View Full Version : Music and Speech Share Code for Conveying Sadness
06-20-2010, 11:19 PM
06-21-2010, 12:50 AM
The article names "Greensleeves", but I thought that the saddest melody was Adagio in G minor by Albinoni. I also found Gnossienne No1 by Satie, and Oboe Concerto in D minor by Alessandro Marcello absolutely depressing and beautiful. Sad melodies, probably, but also evoking mystery. Arvo Part's Tabula Rasa, Fratres, and Fur Alina are among the best candidates for saddest melodies. What I found was that some people find these examples boring other than sad. However, it might be interesting to have the exact musical formula for conveying sadness.
Adagio in G Minor (Albinoni) - YouTube
06-22-2010, 12:15 PM
I was informed by my music instructor many moons ago that the use of minor chords and the tritone conveyed sadness (as well as evil in the case of the tritone), along with slow tempii. Still not sure I totally agree with him nowadays, but that is all I can remember.

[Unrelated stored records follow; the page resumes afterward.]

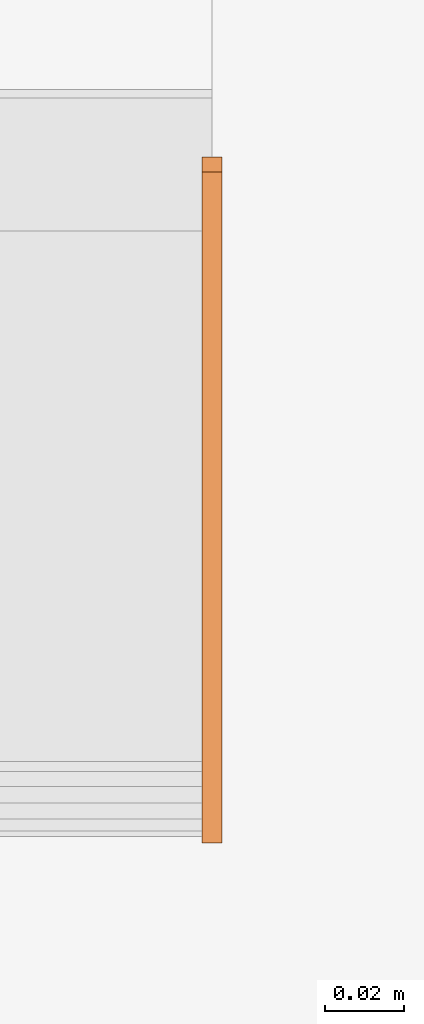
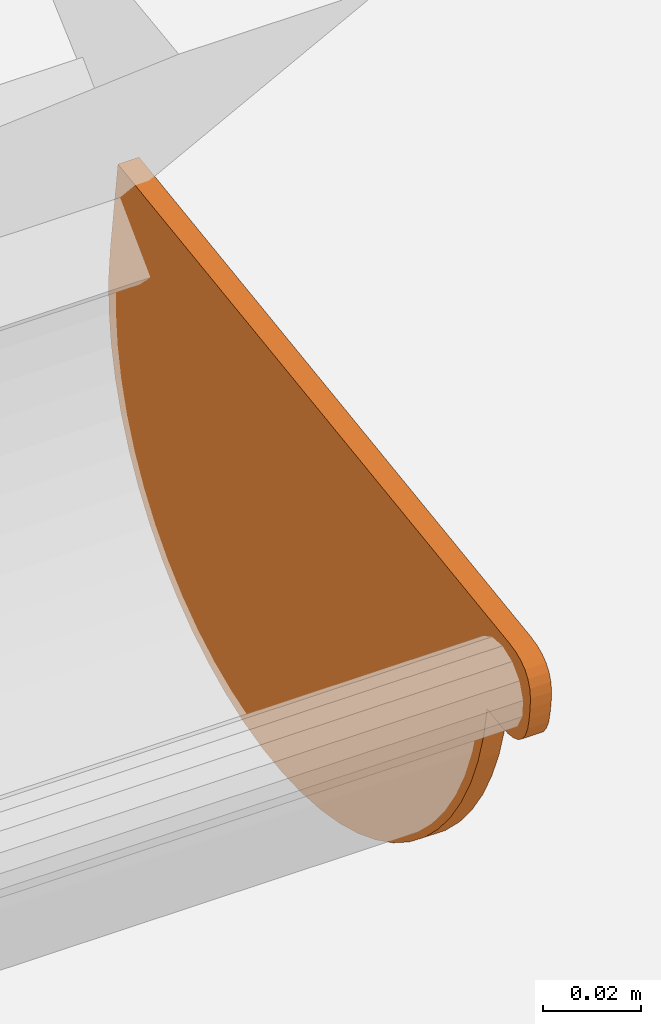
# One storey, part 31 of 43: 1 proxy.
"""IFC2X3 building model written with IfcOpenShell, lengths in millimetres."""

from ifc_helpers import new_model, si_unit, frame, origin_with_axes, place, context, project, spatial, faceted_brep, element, save


model = new_model("IFC2X3")

# Units and contexts
model_context = context("Model", 3, world=origin_with_axes())
ifc_project = project(units=[si_unit("LENGTHUNIT", "METRE", prefix="MILLI")], contexts=[model_context])

# Site, building, storey
site_placement = place(None, origin_with_axes())
site = spatial("IfcSite", under=ifc_project, at=site_placement, Name="Site", CompositionType="ELEMENT")
building_placement = place(site_placement, origin_with_axes())
building = spatial("IfcBuilding", under=site, at=building_placement, Name="?", CompositionType="ELEMENT")
storey_placement = place(building_placement, frame((0.0, 0.0, 5938.0), z_axis=(0.0, 0.0, 1.0), x_axis=(1.0, 0.0, 0.0)))
storey = spatial("IfcBuildingStorey", under=building, at=storey_placement, Name="Dachgeschoß", CompositionType="ELEMENT", Elevation=5938.0)

# Proxy
proxy_placement = place(None, origin_with_axes())
element("IfcBuildingElementProxy", 1, at=proxy_placement, inside=storey, Name="Dach02_RoofGutter#025", ObjectType="gutter", CompositionType="ELEMENT", context=model_context, shape_type="Brep", body=[
    faceted_brep([(13852.5, -7754.2509765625, 6644.93896484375), (13847.5, -7754.2509765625, 6644.93896484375), (13847.5, -7752.75647654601, 6637.18036494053), (13852.5, -7752.75647654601, 6637.18036494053), (13852.5, -7752.75634765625, 6637.18017578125), (13847.5, -7752.75634765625, 6637.18017578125), (13847.5, -7750.48454766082, 6629.61247599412), (13852.5, -7750.48454766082, 6629.61247599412), (13852.5, -7750.484375, 6629.61279296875), (13847.5, -7750.484375, 6629.61279296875), (13847.5, -7747.45867502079, 6622.31389280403), (13852.5, -7747.45867502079, 6622.31389280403), (13852.5, -7747.458984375, 6622.3134765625), (13847.5, -7747.458984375, 6622.3134765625), (13847.5, -7743.71028437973, 6615.3580766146), (13852.5, -7743.71028437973, 6615.3580766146), (13852.5, -7743.7099609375, 6615.3583984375), (13847.5, -7743.7099609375, 6615.3583984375), (13847.5, -7739.27686074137, 6608.81789834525), (13852.5, -7739.27686074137, 6608.81789834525), (13852.5, -7739.27734375, 6608.81787109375), (13847.5, -7739.27734375, 6608.81787109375), (13847.5, -7734.20534357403, 6602.75937116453), (13852.5, -7734.20534357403, 6602.75937116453), (13852.5, -7734.205078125, 6602.75927734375), (13847.5, -7734.205078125, 6602.75927734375), (13847.5, -7728.54617810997, 6597.24507732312), (13852.5, -7728.54617810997, 6597.24507732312), (13852.5, -7728.54638671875, 6597.2451171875), (13847.5, -7728.54638671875, 6597.2451171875), (13847.5, -7722.35858673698, 6592.33171697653), (13852.5, -7722.35858673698, 6592.33171697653), (13852.5, -7722.3583984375, 6592.33154296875), (13847.5, -7722.3583984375, 6592.33154296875), (13847.5, -7715.70539846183, 6588.06924304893), (13852.5, -7715.70539846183, 6588.06924304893), (13852.5, -7715.70556640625, 6588.0693359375), (13847.5, -7715.70556640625, 6588.0693359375), (13847.5, -7708.65536663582, 6584.50213591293), (13852.5, -7708.65536663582, 6584.50213591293), (13852.5, -7708.6552734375, 6584.501953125), (13847.5, -7708.6552734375, 6584.501953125), (13847.5, -7701.28037339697, 6581.66625324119), (13852.5, -7701.28037339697, 6581.66625324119), (13852.5, -7701.2802734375, 6581.66650390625), (13847.5, -7701.2802734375, 6581.66650390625), (13847.5, -7693.65637361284, 6579.59140394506), (13852.5, -7693.65637361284, 6579.59140394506), (13852.5, -7693.65625, 6579.59130859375), (13847.5, -7693.65625, 6579.59130859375), (13847.5, -7685.86154998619, 6578.29820858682), (13852.5, -7685.86154998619, 6578.29820858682), (13852.5, -7685.86181640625, 6578.29833984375), (13847.5, -7685.86181640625, 6578.29833984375), (13847.5, -7677.97621626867, 6577.80043982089), (13852.5, -7677.97621626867, 6577.80043982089), (13852.5, -7677.97607421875, 6577.80029296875), (13847.5, -7677.97607421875, 6577.80029296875), (13847.5, -7670.08057429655, 6578.10269295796), (13852.5, -7670.08057429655, 6578.10269295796), (13852.5, -7670.08056640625, 6578.1025390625), (13847.5, -7670.08056640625, 6578.1025390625), (13847.5, -7662.2561663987, 6579.20223903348), (13852.5, -7662.2561663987, 6579.20223903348), (13852.5, -7662.25634765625, 6579.20263671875), (13847.5, -7662.25634765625, 6579.20263671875), (13847.5, -7654.58334766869, 6581.08813669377), (13852.5, -7654.58334766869, 6581.08813669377), (13852.5, -7654.5830078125, 6581.087890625), (13847.5, -7654.5830078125, 6581.087890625), (13847.5, -7647.14020801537, 6583.74009059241), (13852.5, -7647.14020801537, 6583.74009059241), (13852.5, -7647.140625, 6583.740234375), (13847.5, -7647.140625, 6583.740234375), (13847.5, -7640.00422499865, 6587.13183440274), (13852.5, -7640.00422499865, 6587.13183440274), (13852.5, -7640.00390625, 6587.1318359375), (13847.5, -7640.00390625, 6587.1318359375), (13847.5, -7633.24730613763, 6591.22793584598), (13852.5, -7633.24730613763, 6591.22793584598), (13852.5, -7633.24755859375, 6591.22802734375), (13847.5, -7633.24755859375, 6591.22802734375), (13847.5, -7626.94005870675, 6595.98662726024), (13852.5, -7626.94005870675, 6595.98662726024), (13852.5, -7626.93994140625, 6595.986328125), (13847.5, -7626.93994140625, 6595.986328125), (13847.5, -7621.14614135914, 6601.35872833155), (13852.5, -7621.14614135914, 6601.35872833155), (13852.5, -7621.14599609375, 6601.35888671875), (13847.5, -7621.14599609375, 6601.35888671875), (13847.5, -7615.92549597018, 6607.28988671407), (13852.5, -7615.92549597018, 6607.28988671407), (13852.5, -7615.92578125, 6607.2900390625), (13847.5, -7615.92578125, 6607.2900390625), (13847.5, -7611.33198134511, 6613.71863918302), (13852.5, -7611.33198134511, 6613.71863918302), (13852.5, -7611.33203125, 6613.71826171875), (13847.5, -7611.33203125, 6613.71826171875), (13847.5, -7607.41233128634, 6620.57876151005), (13852.5, -7607.41233128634, 6620.57876151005), (13852.5, -7607.412109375, 6620.5791015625), (13847.5, -7607.412109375, 6620.5791015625), (13847.5, -7604.20650946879, 6627.8008014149), (13852.5, -7604.20650946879, 6627.8008014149), (13852.5, -7604.20654296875, 6627.80078125), (13847.5, -7604.20654296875, 6627.80078125), (13847.5, -7601.74794288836, 6635.30988116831), (13852.5, -7601.74794288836, 6635.30988116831), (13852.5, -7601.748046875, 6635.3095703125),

'Sadness' in music must be difficult to quantify since the musical experience can be so subjective.
08-31-2010, 02:07 PM
Amazes me to think I discovered Albinoni's masterwork through James Morrison's often klutzy poetry. Hey, I was a teenager...
The Psychology of Music: Effects on Behavior, Intelligence, Learning, Pain and Health (http://psychology.suite101.com/article.cfm/the_psychology_of_music)
A student named David Merrill devised an experiment to discover how music would affect the ability of mice to learn new things. Merrill had one group of mice listen to classical music 24 hours a day and another to heavy metal music. He then timed the mice as they ran through mazes to see if the music affected their speed of learning. Unfortunately, he had to cut the first experiment short because the heavy metal mice all killed one another. In a second experiment, mice that listened to Mozart for 10 hours a day dramatically improved their maze-solving abilities, while the heavy metal mice actually became worse at solving mazes than they had been at the beginning of the experiment.
On a stranger note, sociology professor James Gundlach found higher rates of suicide among those who listen to country music.